Personally, I deplore this war because of the deaths and devastation it’s going to cause, and the piles of dough we, American taxpayers, are squandering on it. So far the war’s price tag is estimated to be $1 billion a month. It’s likely to rise.

Yet I also see the war having a far-reaching, liberating effect on Arab societies. I see it reviving and strengthening the Arab Spring, which Arab monarchies and dictatorships had foolishly thought they had behind them. More on this in a minute.

Meanwhile, I’m afraid Obama isn’t going to “destroy” ISIS. Remember his repeated vows to “disrupt, dismantle and defeat” Al Qaeda during the Afghanistan war? Thanks mainly to that war, Al Qaeda and its many affiliates have mushroomed in the Middle East, North and West Africa, and elsewhere. If Afghanistan, Iraq and Vietnam had any lesson for the United States, it’s that conventional military establishments, however powerful, can’t defeat modern guerrilla forces that are ready to die to end their oppression and avenge their subjugation and humiliation.

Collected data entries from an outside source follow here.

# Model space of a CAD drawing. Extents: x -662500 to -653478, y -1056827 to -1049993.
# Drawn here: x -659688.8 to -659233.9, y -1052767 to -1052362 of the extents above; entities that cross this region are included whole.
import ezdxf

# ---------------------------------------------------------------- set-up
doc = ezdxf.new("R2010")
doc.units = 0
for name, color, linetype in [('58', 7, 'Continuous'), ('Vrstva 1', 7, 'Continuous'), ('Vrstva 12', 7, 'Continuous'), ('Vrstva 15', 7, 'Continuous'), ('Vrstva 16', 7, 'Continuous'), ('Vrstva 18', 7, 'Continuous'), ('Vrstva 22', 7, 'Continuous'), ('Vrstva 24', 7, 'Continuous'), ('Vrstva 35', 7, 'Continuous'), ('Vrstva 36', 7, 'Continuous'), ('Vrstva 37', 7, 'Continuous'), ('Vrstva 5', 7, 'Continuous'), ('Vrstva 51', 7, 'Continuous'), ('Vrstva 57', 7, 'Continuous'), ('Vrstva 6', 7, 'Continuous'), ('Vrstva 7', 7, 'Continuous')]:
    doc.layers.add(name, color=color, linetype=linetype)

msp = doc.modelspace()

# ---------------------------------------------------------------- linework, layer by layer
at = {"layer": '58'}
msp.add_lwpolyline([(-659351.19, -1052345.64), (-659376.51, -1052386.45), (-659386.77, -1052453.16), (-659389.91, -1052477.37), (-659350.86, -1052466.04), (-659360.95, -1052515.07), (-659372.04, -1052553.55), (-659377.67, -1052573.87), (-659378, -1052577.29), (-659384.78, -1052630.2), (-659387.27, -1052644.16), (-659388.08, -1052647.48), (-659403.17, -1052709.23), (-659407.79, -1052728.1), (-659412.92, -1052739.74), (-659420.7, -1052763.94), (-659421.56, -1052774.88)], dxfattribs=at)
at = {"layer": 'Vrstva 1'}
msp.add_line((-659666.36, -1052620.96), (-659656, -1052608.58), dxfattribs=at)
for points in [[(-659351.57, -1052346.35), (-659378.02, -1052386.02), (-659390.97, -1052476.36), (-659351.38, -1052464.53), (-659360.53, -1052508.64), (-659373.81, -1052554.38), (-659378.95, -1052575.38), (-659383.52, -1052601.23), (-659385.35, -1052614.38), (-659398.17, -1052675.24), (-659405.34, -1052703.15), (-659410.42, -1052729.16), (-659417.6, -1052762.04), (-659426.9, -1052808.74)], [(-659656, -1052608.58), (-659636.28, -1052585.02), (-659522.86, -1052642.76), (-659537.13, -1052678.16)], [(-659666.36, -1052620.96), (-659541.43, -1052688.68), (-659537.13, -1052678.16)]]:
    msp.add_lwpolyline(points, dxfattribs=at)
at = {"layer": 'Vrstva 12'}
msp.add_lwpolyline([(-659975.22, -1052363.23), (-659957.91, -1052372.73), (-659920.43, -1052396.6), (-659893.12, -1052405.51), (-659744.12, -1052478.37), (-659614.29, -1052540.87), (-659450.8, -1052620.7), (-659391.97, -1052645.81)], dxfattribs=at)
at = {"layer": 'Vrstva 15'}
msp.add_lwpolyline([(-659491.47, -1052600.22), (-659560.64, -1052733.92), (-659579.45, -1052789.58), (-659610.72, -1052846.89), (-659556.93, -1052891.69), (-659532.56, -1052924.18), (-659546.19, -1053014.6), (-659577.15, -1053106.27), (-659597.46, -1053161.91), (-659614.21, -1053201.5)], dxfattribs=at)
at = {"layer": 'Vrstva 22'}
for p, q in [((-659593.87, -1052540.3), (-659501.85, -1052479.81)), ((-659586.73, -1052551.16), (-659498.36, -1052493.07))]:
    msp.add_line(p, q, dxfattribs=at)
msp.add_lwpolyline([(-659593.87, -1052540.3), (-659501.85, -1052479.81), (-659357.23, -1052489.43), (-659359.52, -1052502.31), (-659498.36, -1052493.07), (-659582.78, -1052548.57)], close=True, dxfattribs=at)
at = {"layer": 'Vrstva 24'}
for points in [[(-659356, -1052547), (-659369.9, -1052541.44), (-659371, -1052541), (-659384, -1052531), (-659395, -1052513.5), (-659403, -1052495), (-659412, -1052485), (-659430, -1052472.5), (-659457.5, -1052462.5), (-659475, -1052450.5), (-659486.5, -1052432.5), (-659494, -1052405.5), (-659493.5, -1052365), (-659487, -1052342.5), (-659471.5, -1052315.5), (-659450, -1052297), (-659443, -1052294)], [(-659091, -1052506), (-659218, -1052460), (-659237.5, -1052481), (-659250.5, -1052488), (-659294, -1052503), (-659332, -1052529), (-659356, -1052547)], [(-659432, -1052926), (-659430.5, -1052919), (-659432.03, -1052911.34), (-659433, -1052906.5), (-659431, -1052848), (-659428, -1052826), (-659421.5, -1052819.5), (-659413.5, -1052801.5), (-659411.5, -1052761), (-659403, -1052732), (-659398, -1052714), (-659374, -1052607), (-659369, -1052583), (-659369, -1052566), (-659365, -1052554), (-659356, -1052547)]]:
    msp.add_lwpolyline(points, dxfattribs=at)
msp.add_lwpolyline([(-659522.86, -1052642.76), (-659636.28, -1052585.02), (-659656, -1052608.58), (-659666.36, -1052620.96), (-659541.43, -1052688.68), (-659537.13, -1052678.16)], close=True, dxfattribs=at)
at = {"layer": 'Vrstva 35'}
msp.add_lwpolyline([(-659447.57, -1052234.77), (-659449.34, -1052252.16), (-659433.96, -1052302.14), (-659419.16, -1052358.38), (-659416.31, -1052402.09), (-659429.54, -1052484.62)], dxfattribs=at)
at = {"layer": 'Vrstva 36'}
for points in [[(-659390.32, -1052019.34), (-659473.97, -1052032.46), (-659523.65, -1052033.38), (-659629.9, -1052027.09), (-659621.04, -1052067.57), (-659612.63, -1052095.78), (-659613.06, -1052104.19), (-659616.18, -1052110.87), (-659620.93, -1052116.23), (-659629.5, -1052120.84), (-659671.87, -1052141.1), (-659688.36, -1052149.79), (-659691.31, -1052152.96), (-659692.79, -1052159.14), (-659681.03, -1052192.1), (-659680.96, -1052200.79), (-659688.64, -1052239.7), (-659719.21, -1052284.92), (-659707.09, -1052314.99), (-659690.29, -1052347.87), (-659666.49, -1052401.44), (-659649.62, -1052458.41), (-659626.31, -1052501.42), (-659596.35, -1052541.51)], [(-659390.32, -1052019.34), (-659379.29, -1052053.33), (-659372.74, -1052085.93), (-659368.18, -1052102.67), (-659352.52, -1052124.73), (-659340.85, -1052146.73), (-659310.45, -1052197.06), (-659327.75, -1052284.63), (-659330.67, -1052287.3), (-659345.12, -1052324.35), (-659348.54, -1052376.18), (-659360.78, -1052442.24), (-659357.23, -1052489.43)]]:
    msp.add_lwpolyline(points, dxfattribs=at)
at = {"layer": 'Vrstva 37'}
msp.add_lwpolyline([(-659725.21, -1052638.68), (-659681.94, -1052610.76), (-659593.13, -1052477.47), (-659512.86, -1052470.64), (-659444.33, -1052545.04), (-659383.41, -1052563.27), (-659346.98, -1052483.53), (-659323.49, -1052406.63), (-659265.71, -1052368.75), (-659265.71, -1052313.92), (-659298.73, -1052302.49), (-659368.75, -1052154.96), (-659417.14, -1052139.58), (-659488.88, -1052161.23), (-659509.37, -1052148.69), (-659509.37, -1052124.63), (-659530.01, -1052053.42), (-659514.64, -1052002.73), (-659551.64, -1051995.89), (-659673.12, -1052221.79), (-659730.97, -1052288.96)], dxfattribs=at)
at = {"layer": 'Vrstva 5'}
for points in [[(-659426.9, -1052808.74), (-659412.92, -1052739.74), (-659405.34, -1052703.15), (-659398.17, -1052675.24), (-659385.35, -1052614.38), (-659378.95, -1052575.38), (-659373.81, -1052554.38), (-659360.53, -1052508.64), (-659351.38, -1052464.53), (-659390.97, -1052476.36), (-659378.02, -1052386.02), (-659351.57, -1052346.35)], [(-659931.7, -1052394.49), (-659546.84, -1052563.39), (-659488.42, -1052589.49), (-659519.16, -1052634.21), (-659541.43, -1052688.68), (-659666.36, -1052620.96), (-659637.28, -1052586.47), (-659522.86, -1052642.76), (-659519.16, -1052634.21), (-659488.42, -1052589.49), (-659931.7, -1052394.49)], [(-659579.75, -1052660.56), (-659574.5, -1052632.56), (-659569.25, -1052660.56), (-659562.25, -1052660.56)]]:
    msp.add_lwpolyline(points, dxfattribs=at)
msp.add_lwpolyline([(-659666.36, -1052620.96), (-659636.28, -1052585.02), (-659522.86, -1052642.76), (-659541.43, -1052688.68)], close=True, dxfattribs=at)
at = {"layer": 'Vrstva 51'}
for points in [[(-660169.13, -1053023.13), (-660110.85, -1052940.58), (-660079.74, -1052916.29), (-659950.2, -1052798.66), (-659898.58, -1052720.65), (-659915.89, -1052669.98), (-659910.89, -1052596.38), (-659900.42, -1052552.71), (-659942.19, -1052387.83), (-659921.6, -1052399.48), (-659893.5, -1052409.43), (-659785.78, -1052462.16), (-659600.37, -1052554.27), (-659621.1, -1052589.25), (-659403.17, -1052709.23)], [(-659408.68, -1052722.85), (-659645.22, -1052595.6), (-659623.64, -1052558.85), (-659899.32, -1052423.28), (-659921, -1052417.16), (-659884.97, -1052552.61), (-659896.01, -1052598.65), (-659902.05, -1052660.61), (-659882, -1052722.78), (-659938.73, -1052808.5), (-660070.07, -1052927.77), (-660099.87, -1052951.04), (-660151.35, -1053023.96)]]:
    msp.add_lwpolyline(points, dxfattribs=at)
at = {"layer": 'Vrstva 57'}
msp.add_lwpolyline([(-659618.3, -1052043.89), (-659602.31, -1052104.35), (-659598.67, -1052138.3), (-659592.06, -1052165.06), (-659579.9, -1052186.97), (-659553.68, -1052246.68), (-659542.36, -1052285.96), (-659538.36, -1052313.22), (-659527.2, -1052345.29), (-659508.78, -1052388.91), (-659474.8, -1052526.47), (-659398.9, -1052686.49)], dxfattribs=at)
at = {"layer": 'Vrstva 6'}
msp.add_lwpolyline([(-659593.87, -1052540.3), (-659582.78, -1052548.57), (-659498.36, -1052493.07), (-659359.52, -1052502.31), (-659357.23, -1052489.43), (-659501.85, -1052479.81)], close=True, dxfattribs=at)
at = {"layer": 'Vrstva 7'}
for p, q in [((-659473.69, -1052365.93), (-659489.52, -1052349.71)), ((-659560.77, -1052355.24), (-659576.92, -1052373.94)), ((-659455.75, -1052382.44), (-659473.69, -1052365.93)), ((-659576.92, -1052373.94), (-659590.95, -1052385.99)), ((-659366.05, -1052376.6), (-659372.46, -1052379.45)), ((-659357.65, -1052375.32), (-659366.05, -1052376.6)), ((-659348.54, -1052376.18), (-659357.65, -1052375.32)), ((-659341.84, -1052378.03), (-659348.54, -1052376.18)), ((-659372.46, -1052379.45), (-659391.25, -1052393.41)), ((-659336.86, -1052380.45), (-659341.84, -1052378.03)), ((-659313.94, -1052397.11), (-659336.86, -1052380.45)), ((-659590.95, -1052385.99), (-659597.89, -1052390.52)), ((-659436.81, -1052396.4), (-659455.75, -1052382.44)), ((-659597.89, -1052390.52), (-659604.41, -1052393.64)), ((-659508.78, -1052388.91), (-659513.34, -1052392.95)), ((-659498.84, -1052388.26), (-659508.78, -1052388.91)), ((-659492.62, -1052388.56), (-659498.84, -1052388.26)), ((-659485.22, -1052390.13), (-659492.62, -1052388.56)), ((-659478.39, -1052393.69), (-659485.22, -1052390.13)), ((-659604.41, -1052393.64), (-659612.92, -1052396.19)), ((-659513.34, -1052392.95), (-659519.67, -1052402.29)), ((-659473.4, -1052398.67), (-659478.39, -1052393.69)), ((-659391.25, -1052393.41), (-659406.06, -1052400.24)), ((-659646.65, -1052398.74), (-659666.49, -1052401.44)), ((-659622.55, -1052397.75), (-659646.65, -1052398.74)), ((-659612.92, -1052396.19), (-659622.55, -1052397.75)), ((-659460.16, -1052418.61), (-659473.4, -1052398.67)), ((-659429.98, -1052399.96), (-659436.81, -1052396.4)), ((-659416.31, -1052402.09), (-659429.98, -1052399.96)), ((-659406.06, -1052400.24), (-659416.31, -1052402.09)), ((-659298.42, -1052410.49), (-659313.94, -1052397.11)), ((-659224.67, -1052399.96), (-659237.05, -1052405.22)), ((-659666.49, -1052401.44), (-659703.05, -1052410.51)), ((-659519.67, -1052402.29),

Afghan Mujahedeen taught this lesson to the Soviet Union in the 1980s, then the world’s largest conventional military juggernaut. The Lebanese Hezbollah and Palestinian guerrilla groups in Gaza have driven it home to Israel, the superpower in Middle East.

Ignoring these glaring lessons and lurching into a new war in the hope of stamping out the world’s most powerful Muslim guerrilla force is just insane. Albert Einstein defined “insanity” as “doing the same thing over and over again, but expecting different results.”

The gruesome atrocities that ISIS has committed against civilians in Iraq and Syria are indeed heinous and inhuman. They’re repugnant to Islamic tenets and principles. Beheading innocent civilians, killing Yazidis and Christians or converting them to Islam by force are certainly not part of the “jihad,” struggle authorized by Islam, they claim to have waged.

Islam sanctions two kinds of jihad. The greater jihad,  jihad al-kabir, is the struggle to resist one’s own immoral impulses and actions. The lesser jihad,  jihad al-saghir, is armed struggle to defend one’s community or territory against outside aggression. ISIS obviously has proclaimed the lesser jihad against the Shiite government and militias in Iraq, the Alawite government in Syria as well as America and its allies. Islam would probably support its armed struggle if it is, or was, meant to resist the U.S.-led invasion of Iraq, Shiite pogrom against Sunni Arabs in Iraq or the suppression and oppression of people by the Bashar al-Assad government in Syria.

But Islamic law strongly prohibits its inhuman atrocities against civilians, mentioned above. These crimes belong to the categories of the brutal torture, murder and humiliation of mostly innocent Muslims in Abu Gharib, Guantanamo Bay, and elsewhere by American forces. They’re as barbaric as American soldiers peeing on Afghan Muslim corpses, or Israelis slaughtering Gazan children.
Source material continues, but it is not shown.